Preorder Items, Page 2

Then, there is this one:

Lost In Space Chariot & Space Pod 1/35 Scale Model Kit Lost In Space Chariot & Space Pod 1/35 Scale Model Kit - $69.99

Note at the bottom in red:

*"Shipping Tuesday May 31, 2016, but go ahead and order now..."* etc.

Amazon has it in stock May 31st:

http://www.amazon.com/1-35-Space-Pod-Chariot/dp/B003BX9GIU

But ya know...we've been down this road before. So, please don't shoot the messenger. LOL!

Doug


----------



## Opus Penguin (Apr 19, 2004)

Well .... unless we hear directly from Moebius on this, I would take this with a grain of salt. But it would be great if it is released then.


----------



## Richard Baker (Aug 8, 2006)

Amazon has it in stock May 31st:

http://www.amazon.com/1-35-Space-Pod.../dp/B003BX9GIU

Resin parts!
For the Lost in Space fan!
Build your own scene from Lost in SpaceFor the Moebius 913 Jupiter 2 kit (sold separately). Matching scale multimedia (resin, styrene plastic and photo-etch) kit come with Space Pod, Chariot, and Robby the Robot in scale with the large Jupiter 2 kit.
For the experienced builders!

(sigh)


----------



## Opus Penguin (Apr 19, 2004)

Richard Baker said:


> Amazon has it in stock May 31st:
> 
> http://www.amazon.com/1-35-Space-Pod.../dp/B003BX9GIU
> 
> ...


Oh man! That is so funny! :lol:


----------



## Richard Baker (Aug 8, 2006)

Be nice to have a mini diorama of 'War of the Robots'...


----------



## Radiodugger (Sep 27, 2011)

What are your thoughts on lighting? Photo etch? As I understand it, some of the media IS photo etch. Wonder if Voodoo and Paragrafix are thinking about this? Plus...

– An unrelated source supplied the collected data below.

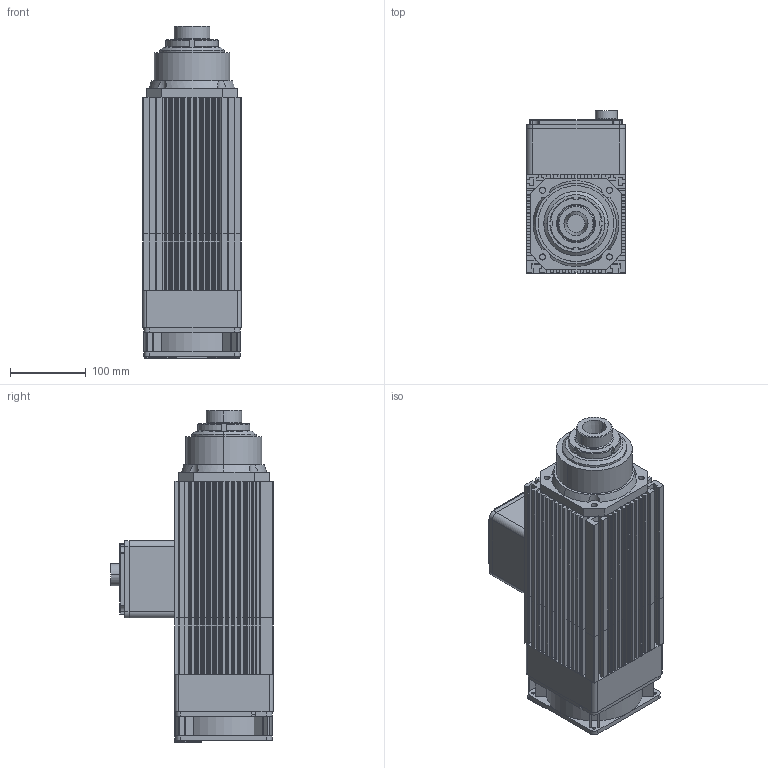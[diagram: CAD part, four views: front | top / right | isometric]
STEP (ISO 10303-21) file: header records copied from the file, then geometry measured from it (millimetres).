
FILE_DESCRIPTION (( 'STEP AP203' ), '1' );
FILE_NAME ('ARFM.4T-S TAKIM DEÐÝÞTÝRMELÝ KARE FANLI.STEP', '2019-11-27T09:06:51', ( '' ), ( '' ), 'SwSTEP 2.0', 'SolidWorks 2014', '' );
FILE_SCHEMA (( 'CONFIG_CONTROL_DESIGN' ));
Length unit declared in the file: millimetre
Products named in the file (15): Arfm.4T Takým Deðiþtirmeli Piston Gövdesi; Fan_5212NM_ebm-papst_5212NM_ebm-papst; ARFM.4T-S TAKIM DEÐÝÞTÝRMELÝ KARE FANLI; Arfm.4T Takým Deðiþtirmeli Ön Toz Kapak; Arfm.4T Takým Deðiþtirmeli Klemens Kutusu Kapaðý; Arfm.4T Kare Fan Tutma Parçasý; start butonu; Arfm.4T Takým Deðiþtirmeli Ön Kapak; 5212NM_ebm-papst_5212NM_ebm-papst; Arfm.4T Takým Deðiþtirmeli Ön Toz Kapak Somunu; Fan-House_5212NM_ebm-papst_5212NM_ebm-papst; Arfm.4T-S Takým Deðiþtirmeli Gövdesi; Arfm.4T Kare Fan Tas Kapak 127''lik; Arfm.4T Takým Deðiþtirmeli Klemens Kutusu; Arfm.4T Takým Deðiþtirmeli Rotor Mili
Assembly tree (14 placements, depth 3):
  ARFM.4T-S TAKIM DEÐÝÞTÝRMELÝ KARE FANLI
    Arfm.4T Takým Deðiþtirmeli Piston Gövdesi
    Arfm.4T Takým Deðiþtirmeli Ön Kapak
    Arfm.4T Kare Fan Tas Kapak 127''lik
    Arfm.4T Takým Deðiþtirmeli Ön Toz Kapak
    Arfm.4T Takým Deðiþtirmeli Ön Toz Kapak Somunu
    Arfm.4T Takým Deðiþtirmeli Rotor Mili
    Arfm.4T Kare Fan Tutma Parçasý
    5212NM_ebm-papst_5212NM_ebm-papst
      Fan-House_5212NM_ebm-papst_5212NM_ebm-papst
      Fan_5212NM_ebm-papst_5212NM_ebm-papst
    Arfm.4T Takým Deðiþtirmeli Klemens Kutusu
    Arfm.4T Takým Deðiþtirmeli Klemens Kutusu Kapaðý
    start butonu
    Arfm.4T-S Takým Deðiþtirmeli Gövdesi
Bounding box: 130 x 214 x 437.5 mm (x, y, z)
Volume: 6324075.9 mm3; surface area: 786708.3 mm2
Topology: 15 solids, 15 shells, 1475 faces, 4127 edges, 2733 vertices
Faces by surface type: cylinder 747, plane 675, torus 22, cone 21, bspline 10
Entity records: 50304 total; most frequent: CARTESIAN_POINT 9395, DIRECTION 8537, ORIENTED_EDGE 8254, EDGE_CURVE 4127, AXIS2_PLACEMENT_3D 3061, VERTEX_POINT 2733, LINE 2415, VECTOR 2415

Are any of you thinking about making a "Pod Dropper" version of the Jupiter 2? Maybe open up the Chariot bay as well? That I would love to see! 

I'm thinkin' 1/35 is an ideal scale for diorama ideas. I would love to see other LIS model kits in this scale.

Doug


----------



## Paulbo (Sep 16, 2004)

I had the prototypes in my hands several years ago. The PE is ready to go as soon as the kits ship.


----------



## Radiodugger (Sep 27, 2011)

Paulbo said:


> I had the prototypes in my hands several years ago. The PE is ready to go as soon as the kits ship.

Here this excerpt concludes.